▶ [What this task involves]:
In the entries below, how many lines hold the string "Metal"? Answer with the number only.
:: Data to process ::
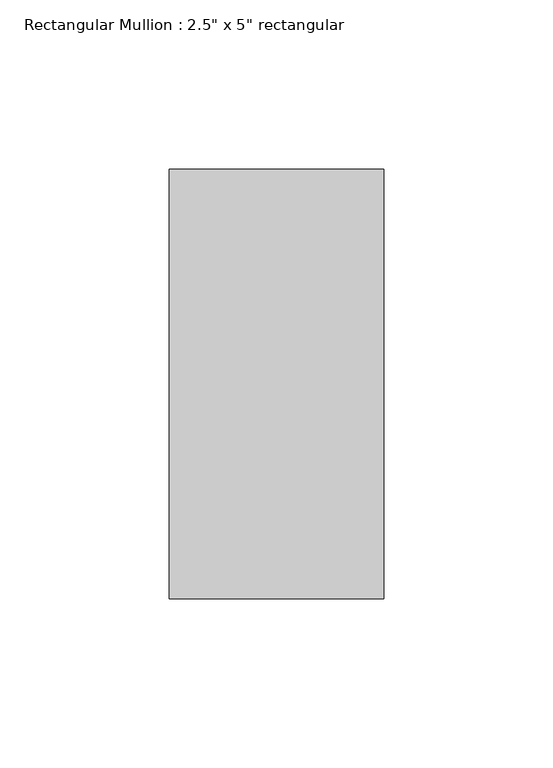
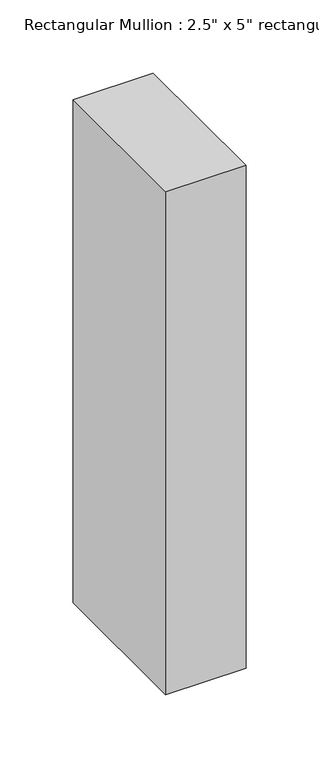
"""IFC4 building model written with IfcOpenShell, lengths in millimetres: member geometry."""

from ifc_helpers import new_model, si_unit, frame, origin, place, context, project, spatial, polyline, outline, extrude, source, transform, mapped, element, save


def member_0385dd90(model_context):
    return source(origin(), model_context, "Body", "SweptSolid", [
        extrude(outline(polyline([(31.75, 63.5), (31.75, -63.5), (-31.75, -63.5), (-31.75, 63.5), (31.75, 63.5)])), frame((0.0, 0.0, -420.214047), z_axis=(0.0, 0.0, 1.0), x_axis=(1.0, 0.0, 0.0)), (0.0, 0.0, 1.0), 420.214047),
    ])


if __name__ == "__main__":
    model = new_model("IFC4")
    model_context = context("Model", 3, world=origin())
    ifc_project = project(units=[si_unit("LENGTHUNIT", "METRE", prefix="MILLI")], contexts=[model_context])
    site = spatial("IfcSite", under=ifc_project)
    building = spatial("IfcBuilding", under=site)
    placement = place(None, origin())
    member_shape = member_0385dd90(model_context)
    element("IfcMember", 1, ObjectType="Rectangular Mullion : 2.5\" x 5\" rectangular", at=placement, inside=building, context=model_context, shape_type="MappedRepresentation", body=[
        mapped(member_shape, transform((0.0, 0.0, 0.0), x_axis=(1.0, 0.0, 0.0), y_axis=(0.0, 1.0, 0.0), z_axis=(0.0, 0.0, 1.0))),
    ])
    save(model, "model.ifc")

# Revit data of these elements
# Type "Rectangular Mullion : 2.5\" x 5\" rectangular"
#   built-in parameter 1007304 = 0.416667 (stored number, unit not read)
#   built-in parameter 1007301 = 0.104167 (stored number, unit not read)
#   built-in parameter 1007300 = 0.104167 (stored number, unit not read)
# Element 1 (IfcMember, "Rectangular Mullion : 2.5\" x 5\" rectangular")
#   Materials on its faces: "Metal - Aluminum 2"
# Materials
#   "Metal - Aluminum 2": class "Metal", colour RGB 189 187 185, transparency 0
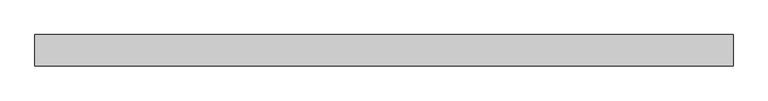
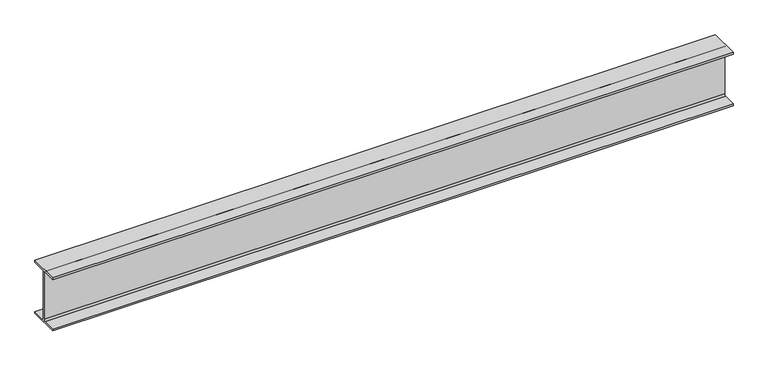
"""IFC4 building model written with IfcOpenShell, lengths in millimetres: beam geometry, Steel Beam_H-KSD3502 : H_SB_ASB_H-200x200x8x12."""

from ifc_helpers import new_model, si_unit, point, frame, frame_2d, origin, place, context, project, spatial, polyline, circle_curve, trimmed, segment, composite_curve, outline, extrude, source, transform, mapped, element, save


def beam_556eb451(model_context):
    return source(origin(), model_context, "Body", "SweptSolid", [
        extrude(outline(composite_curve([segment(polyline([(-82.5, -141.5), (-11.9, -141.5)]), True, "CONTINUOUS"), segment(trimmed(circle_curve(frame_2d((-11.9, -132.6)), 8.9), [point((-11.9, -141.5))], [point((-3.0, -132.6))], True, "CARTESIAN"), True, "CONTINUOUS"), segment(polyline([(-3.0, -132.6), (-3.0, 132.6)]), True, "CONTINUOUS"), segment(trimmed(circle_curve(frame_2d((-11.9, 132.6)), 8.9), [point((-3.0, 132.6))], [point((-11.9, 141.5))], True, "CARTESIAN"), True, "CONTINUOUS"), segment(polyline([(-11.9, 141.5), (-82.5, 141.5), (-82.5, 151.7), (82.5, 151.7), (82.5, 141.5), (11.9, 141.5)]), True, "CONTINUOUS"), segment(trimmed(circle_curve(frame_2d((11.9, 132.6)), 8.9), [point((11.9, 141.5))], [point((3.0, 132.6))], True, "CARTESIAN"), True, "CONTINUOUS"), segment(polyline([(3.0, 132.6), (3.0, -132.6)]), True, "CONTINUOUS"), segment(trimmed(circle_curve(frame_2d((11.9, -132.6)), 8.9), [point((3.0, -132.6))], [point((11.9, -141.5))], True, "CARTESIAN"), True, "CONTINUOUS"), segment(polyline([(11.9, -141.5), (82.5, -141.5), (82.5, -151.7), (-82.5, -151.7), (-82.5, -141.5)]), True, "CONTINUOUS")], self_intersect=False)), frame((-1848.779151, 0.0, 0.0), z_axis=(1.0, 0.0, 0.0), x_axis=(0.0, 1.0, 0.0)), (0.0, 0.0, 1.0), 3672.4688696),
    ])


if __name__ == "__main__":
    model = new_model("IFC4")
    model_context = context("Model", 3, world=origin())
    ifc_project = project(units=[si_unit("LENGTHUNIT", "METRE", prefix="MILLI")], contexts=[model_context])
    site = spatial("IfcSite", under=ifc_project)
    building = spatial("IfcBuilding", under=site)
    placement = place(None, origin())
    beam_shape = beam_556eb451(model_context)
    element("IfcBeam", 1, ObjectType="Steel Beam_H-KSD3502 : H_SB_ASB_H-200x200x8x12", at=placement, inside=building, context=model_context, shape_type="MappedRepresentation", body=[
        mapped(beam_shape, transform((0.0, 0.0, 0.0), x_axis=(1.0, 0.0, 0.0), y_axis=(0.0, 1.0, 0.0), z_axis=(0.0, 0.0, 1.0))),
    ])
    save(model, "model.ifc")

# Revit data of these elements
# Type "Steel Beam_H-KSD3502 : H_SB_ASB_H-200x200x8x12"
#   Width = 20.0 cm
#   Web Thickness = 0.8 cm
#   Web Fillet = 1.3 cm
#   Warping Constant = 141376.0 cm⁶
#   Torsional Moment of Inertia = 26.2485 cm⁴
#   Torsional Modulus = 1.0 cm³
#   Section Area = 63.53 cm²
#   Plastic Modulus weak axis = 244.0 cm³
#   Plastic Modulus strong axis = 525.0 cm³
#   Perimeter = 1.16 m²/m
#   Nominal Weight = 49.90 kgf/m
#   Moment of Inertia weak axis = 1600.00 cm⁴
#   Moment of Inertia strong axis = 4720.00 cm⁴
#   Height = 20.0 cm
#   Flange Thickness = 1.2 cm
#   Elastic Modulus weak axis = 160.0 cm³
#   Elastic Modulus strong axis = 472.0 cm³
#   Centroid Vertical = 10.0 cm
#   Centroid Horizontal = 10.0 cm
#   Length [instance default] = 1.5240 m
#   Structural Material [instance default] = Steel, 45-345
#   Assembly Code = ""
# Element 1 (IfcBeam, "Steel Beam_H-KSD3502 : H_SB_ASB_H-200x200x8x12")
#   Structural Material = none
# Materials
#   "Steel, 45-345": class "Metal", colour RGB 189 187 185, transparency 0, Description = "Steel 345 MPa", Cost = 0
:::
▶ [Task output]:
3